The Smith left the Church inquisitory by the main entrance, followed by the High Priest’s hollow blessing and many naked stares of disbelief. He pushed the solii pendant back into concealment inside his clothes as he went down the broad steps. He began to walk out across the open square, breathing deeply for the first time in hours as he passed through the shifting patterns of the marketday crowd. The dry, clean, spice-scented air cleared out his lungs. But even the sun’s purifying heat could not burn away his fragmented visions of a disaster far more widespread and profound than the one he had just averted. The sibyl net had made a mistake. There was something wrong with the sibyl net. And that terrifying knowledge haunted his confused mind as though it were somehow his fault, his responsibility… .
“Tell your fortune? Tell your fortune for only a siskt” Someone’s hand caught his arm as he passed yet another canopied stall.
He stopped as the dark hand brushed his own, looked down into the woman’s deeply blue-violet eyes gazing up at him. “What?” he said.
“Your future, stranger, for only a sisk. I sense that you are a lucky man. …”
He followed her glance back the way he had come. He had come out of the inquisitory’s doors in one piece, walking on his own two feet. A lucky man. He was about to refuse her, with a cynicism that probably matched her own, when he noticed she held a circular tan board on her lap. Most fortune-tellers used jumble-sticks, or simply the palm of your hand. The intricate geometries painstakingly laid out on the board’s polished surface symbolized many things, just as his hidden pendant did: the moves to be made in a game that was probably older than time; the hidden moves of the Great Game, in which he was a hidden player. He had never seen a tan board used to tell fortunes. “Sure,” he murmured, with an acid smile. “Tell me my future.”
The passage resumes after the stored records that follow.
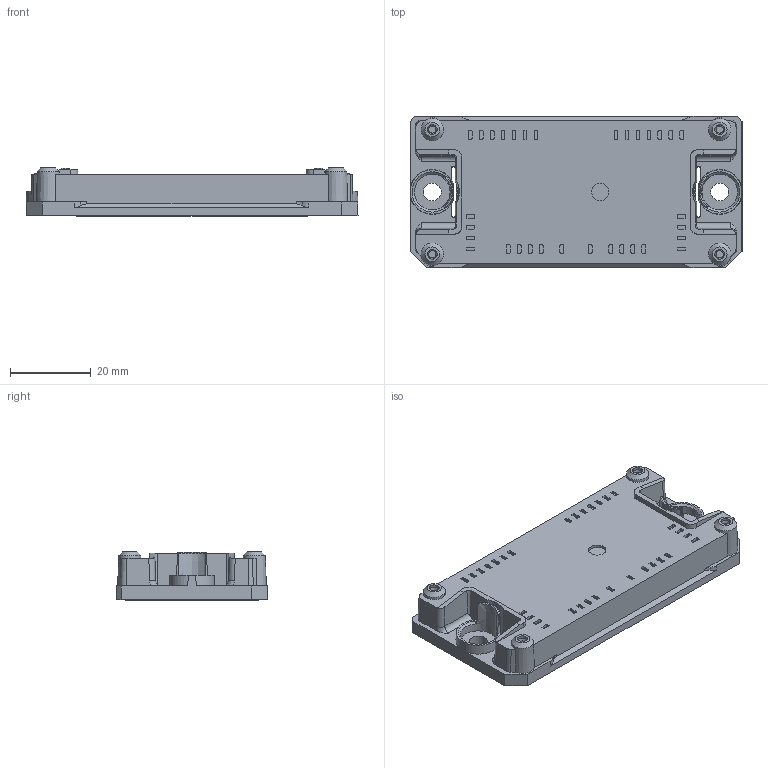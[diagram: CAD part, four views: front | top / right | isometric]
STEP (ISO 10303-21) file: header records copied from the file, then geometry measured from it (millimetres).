
FILE_DESCRIPTION(/* description */ ('Unknown'),/* implementation_level */ '2;1');
FILE_NAME(/* name */ 'Flow1-4T12ZC-LJ50(320)-01-OL',/* time_stamp */ '2026-08-10T09:27:22+02:00',/* author */ ('Unknown'),/* organization */ ('Unknown'),/* preprocessor_version */ 'ST-DEVELOPER v20',/* originating_system */ 'Solid Edge',/* authorisation */ 'Unknown');
FILE_SCHEMA (('AUTOMOTIVE_DESIGN {1 0 10303 214 3 1 1}'));
Length unit declared in the file: millimetre
Products named in the file (1): Flow1-4T12ZC-LJ50-OL
Bounding box: 82 x 37.4 x 12 mm (x, y, z)
Volume: 25852.6 mm3; surface area: 10967.2 mm2
Topology: 1 solids, 1 shells, 748 faces, 2079 edges, 1369 vertices
Faces by surface type: plane 372, cylinder 185, bspline 145, cone 34, sphere 8, torus 4
Full cylindrical faces by diameter (mm): 2.4 x4, 4.3 x1, 4.4 x2
Entity records: 32346 total; most frequent: CARTESIAN_POINT 9304, ORIENTED_EDGE 4060, DIRECTION 3256, EDGE_CURVE 2030, VERTEX_POINT 1354, LINE 1088, VECTOR 1088, AXIS2_PLACEMENT_3D 1084

He sat down across from her on the pillows in the shade, his curiosity piqued. He leaned forward, intrigued in spite of himself as she cast the smooth gaming pieces out across the tan board’s surface. They scattered, colliding, rebounding off its rim with the random motions of fate, coming to rest in a configuration that looked equally random.
She stared at the pattern they made, and sucked in a breath. Her night-black hands covered the board with spread fingers, as if to shield his eyes from it. She looked up at him again, with both incomprehension and dread. “Death …” she murmured, looking into his eyes as deeply as if she saw time itself there.
He almost laughed. Everybody dies—
“Death by water.”
He froze, feeling the blood fall away from his face. He scrambled to his feet, swayed there a moment, dizzy with disbelief. He fumbled in his pocket, dropped a coin on her board, not even noticing what it was that he gave her, not caring. He turned away without another word, and disappeared into the crowd.